Content starts

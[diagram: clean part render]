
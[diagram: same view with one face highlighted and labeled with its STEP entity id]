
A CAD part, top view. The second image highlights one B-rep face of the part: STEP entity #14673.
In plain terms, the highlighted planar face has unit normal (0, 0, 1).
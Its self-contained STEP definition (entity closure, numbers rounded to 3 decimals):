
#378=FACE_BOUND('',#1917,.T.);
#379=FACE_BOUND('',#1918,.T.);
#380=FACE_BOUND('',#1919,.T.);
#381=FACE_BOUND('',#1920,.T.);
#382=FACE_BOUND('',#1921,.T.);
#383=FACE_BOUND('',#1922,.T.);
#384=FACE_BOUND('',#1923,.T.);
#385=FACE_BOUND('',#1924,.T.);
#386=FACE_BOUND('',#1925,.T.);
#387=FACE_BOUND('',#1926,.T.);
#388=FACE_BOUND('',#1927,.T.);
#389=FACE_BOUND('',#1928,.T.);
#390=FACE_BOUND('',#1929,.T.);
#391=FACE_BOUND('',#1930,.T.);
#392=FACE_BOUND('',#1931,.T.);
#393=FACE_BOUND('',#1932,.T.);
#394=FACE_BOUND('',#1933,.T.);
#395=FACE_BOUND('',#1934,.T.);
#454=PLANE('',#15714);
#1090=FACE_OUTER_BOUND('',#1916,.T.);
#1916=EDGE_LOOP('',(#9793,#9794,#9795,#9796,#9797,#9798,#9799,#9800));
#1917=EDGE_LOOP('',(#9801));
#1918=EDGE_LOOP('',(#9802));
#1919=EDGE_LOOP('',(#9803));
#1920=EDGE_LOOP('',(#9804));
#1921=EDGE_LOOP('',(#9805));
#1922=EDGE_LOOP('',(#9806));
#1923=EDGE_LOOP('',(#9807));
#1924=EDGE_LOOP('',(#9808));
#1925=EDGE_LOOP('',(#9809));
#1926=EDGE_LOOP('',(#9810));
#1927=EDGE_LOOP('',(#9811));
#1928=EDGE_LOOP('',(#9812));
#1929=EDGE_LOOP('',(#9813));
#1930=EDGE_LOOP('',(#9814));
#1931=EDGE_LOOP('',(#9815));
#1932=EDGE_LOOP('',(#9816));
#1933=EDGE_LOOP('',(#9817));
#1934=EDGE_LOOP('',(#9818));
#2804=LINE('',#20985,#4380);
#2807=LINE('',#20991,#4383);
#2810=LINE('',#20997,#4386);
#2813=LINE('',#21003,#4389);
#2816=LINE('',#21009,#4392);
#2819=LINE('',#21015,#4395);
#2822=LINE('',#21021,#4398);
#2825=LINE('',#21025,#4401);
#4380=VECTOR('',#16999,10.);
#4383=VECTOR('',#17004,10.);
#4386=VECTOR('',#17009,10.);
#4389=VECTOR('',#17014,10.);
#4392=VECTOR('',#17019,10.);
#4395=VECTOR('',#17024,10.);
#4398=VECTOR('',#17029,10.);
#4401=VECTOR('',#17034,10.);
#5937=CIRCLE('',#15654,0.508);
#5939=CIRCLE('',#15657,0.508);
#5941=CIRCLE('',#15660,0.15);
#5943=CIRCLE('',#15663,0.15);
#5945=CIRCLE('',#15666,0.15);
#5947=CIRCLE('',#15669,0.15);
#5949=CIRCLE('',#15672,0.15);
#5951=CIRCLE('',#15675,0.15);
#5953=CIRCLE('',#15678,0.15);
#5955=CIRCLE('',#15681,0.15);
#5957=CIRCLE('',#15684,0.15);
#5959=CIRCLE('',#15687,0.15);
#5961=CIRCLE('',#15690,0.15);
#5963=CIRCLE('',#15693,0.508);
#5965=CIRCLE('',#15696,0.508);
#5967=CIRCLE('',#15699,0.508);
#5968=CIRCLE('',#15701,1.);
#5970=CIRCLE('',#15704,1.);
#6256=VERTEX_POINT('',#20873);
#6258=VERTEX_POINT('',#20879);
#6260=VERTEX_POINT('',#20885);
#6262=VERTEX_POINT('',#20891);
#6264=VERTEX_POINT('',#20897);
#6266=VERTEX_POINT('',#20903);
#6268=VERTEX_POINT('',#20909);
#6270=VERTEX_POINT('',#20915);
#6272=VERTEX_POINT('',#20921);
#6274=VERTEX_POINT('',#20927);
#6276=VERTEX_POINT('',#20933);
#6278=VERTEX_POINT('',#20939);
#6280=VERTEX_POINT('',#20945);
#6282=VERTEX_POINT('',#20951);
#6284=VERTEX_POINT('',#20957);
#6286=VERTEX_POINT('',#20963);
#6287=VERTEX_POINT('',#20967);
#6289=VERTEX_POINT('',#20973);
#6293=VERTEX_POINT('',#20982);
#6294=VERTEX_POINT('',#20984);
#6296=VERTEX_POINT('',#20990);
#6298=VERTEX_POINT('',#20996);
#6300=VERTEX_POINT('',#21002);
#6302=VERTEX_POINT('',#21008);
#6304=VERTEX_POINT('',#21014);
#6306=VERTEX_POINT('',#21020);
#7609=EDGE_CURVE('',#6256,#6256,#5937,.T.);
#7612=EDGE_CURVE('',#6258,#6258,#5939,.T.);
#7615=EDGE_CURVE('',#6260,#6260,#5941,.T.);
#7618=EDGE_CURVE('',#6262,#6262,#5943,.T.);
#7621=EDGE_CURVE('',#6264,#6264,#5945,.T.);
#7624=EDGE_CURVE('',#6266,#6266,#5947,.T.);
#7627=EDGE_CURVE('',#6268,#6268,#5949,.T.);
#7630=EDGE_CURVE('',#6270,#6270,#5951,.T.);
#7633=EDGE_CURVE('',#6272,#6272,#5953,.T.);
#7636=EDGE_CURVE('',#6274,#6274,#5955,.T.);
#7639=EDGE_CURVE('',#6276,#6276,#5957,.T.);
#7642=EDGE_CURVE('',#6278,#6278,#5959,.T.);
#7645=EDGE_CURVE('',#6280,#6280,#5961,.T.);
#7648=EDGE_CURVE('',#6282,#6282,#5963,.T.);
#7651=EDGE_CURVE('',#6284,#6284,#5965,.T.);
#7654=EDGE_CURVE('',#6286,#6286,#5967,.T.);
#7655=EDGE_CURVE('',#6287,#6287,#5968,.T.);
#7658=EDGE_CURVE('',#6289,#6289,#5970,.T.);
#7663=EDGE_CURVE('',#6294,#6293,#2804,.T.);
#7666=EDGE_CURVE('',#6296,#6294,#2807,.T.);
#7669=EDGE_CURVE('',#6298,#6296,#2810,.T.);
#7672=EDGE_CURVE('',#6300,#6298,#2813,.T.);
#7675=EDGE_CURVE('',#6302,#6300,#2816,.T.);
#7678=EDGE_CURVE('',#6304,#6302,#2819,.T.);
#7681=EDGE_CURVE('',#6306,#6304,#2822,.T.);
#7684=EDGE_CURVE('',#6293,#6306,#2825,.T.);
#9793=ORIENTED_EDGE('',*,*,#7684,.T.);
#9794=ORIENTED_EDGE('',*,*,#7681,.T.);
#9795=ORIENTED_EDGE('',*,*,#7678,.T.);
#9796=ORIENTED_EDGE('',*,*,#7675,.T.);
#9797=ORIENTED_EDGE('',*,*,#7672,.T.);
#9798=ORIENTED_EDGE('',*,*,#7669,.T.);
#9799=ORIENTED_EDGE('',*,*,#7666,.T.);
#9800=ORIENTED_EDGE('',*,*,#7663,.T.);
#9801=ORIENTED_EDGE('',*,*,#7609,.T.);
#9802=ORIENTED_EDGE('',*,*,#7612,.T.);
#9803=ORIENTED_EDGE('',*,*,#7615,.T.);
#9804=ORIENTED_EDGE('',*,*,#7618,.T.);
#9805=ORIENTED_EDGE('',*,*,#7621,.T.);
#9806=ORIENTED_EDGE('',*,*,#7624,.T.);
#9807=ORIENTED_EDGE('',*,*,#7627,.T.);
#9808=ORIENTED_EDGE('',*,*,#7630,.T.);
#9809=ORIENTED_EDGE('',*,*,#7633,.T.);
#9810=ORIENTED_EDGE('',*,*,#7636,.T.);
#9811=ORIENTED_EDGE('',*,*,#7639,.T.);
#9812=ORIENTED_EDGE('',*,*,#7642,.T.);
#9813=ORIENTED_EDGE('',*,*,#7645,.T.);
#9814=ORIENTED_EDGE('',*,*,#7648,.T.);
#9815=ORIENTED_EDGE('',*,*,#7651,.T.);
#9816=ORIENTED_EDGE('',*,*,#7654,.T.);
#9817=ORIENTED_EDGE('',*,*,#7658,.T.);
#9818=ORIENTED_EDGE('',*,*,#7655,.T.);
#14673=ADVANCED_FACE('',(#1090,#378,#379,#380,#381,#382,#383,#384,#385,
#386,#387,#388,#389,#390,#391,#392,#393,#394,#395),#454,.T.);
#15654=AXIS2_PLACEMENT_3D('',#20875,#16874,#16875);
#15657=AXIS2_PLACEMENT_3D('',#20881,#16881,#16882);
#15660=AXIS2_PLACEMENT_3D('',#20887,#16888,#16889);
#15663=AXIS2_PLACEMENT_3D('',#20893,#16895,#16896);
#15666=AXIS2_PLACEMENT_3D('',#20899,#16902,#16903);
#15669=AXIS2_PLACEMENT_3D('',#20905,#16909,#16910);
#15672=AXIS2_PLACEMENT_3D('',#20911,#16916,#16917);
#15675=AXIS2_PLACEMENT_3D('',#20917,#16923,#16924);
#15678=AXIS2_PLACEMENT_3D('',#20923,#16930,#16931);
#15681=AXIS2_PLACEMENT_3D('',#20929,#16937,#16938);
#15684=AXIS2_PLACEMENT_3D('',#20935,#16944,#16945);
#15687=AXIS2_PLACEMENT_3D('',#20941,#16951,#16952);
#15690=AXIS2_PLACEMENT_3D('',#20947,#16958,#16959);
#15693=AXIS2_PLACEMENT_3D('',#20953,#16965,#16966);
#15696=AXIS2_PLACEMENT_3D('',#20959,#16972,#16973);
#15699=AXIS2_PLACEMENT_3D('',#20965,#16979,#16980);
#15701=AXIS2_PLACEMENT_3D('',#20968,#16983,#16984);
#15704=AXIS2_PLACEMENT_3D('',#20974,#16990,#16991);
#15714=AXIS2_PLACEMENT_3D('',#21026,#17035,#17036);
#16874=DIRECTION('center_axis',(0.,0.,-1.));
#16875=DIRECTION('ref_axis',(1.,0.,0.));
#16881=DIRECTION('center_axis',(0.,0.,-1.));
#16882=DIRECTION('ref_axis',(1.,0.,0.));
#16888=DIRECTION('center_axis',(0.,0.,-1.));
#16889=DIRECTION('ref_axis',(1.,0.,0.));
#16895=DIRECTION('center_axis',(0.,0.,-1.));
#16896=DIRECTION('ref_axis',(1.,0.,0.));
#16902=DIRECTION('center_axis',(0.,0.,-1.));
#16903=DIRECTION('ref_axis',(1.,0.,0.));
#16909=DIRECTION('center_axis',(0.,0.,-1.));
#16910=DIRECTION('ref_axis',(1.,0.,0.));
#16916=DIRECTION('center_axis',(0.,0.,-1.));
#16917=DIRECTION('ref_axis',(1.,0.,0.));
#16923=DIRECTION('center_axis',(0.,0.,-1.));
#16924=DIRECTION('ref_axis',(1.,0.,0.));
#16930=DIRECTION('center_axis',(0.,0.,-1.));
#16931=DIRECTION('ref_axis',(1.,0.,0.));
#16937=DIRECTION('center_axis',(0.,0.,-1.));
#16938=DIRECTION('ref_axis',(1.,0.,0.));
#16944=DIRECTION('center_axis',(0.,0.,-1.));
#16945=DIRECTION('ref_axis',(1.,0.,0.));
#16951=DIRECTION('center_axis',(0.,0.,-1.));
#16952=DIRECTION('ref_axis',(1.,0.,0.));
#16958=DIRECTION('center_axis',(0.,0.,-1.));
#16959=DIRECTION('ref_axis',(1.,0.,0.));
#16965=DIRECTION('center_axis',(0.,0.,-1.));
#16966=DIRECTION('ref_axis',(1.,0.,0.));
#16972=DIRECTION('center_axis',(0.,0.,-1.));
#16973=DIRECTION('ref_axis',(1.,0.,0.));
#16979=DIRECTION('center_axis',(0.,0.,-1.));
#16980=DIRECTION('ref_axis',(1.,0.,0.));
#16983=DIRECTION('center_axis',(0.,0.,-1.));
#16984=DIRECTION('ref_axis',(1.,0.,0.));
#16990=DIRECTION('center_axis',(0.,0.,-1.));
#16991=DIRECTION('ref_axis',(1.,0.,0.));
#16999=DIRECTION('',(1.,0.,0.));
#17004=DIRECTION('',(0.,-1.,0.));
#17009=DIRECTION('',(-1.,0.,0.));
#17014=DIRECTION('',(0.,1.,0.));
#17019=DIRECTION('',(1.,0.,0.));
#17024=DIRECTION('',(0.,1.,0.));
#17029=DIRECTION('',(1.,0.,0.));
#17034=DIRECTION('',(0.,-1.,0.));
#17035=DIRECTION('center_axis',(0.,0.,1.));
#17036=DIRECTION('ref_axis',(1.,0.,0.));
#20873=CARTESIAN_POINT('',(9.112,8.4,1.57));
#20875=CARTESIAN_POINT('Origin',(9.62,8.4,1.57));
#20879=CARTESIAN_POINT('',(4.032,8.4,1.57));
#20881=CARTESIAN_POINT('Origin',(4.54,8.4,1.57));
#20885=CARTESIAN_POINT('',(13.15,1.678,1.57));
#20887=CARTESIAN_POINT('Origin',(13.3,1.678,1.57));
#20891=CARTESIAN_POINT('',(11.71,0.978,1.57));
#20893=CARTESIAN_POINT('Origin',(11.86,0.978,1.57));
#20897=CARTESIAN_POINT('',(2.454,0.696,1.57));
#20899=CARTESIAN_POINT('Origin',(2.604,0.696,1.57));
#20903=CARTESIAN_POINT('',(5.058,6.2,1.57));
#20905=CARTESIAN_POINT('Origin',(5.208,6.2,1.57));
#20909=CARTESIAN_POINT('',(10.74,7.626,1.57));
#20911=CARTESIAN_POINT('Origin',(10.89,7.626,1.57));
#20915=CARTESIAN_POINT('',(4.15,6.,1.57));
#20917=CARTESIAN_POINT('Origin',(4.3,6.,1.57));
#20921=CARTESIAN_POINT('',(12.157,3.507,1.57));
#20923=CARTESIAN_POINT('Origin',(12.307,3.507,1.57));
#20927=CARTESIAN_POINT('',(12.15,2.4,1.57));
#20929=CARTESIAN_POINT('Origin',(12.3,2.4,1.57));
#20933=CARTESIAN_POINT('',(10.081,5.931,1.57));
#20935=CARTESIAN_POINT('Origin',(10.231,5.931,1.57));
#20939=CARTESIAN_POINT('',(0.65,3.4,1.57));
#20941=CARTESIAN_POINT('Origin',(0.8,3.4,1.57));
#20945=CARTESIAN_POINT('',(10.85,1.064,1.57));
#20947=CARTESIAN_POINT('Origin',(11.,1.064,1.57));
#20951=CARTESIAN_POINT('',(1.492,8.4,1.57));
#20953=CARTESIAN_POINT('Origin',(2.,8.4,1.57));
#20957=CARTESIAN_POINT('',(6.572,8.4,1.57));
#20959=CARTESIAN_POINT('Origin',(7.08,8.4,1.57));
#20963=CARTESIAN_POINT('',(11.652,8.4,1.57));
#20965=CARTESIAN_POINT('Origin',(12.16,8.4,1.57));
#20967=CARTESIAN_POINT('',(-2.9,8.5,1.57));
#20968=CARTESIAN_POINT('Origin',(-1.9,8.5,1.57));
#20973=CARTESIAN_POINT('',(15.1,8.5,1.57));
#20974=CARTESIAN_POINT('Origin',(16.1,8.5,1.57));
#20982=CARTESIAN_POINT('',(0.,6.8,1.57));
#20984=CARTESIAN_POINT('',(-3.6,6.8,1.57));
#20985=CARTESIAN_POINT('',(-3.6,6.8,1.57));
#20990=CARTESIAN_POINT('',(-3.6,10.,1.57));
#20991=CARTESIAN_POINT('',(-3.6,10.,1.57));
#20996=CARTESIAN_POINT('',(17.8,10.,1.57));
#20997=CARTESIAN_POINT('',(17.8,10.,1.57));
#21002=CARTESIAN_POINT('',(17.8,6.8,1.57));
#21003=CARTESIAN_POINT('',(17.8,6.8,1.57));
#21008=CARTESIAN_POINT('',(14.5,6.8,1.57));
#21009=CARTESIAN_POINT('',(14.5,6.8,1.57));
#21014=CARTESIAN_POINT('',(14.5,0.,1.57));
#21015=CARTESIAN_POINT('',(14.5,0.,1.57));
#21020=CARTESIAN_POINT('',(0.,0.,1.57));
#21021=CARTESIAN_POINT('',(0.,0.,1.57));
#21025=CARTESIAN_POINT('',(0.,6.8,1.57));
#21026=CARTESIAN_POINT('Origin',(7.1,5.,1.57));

Content ends

**Exercise**
When a line in the material contains the string "part", copy that line.

**Task answer**
[diagram: clean part render]
A CAD part, top view. The second image highlights one B-rep face of the part: STEP entity #14673.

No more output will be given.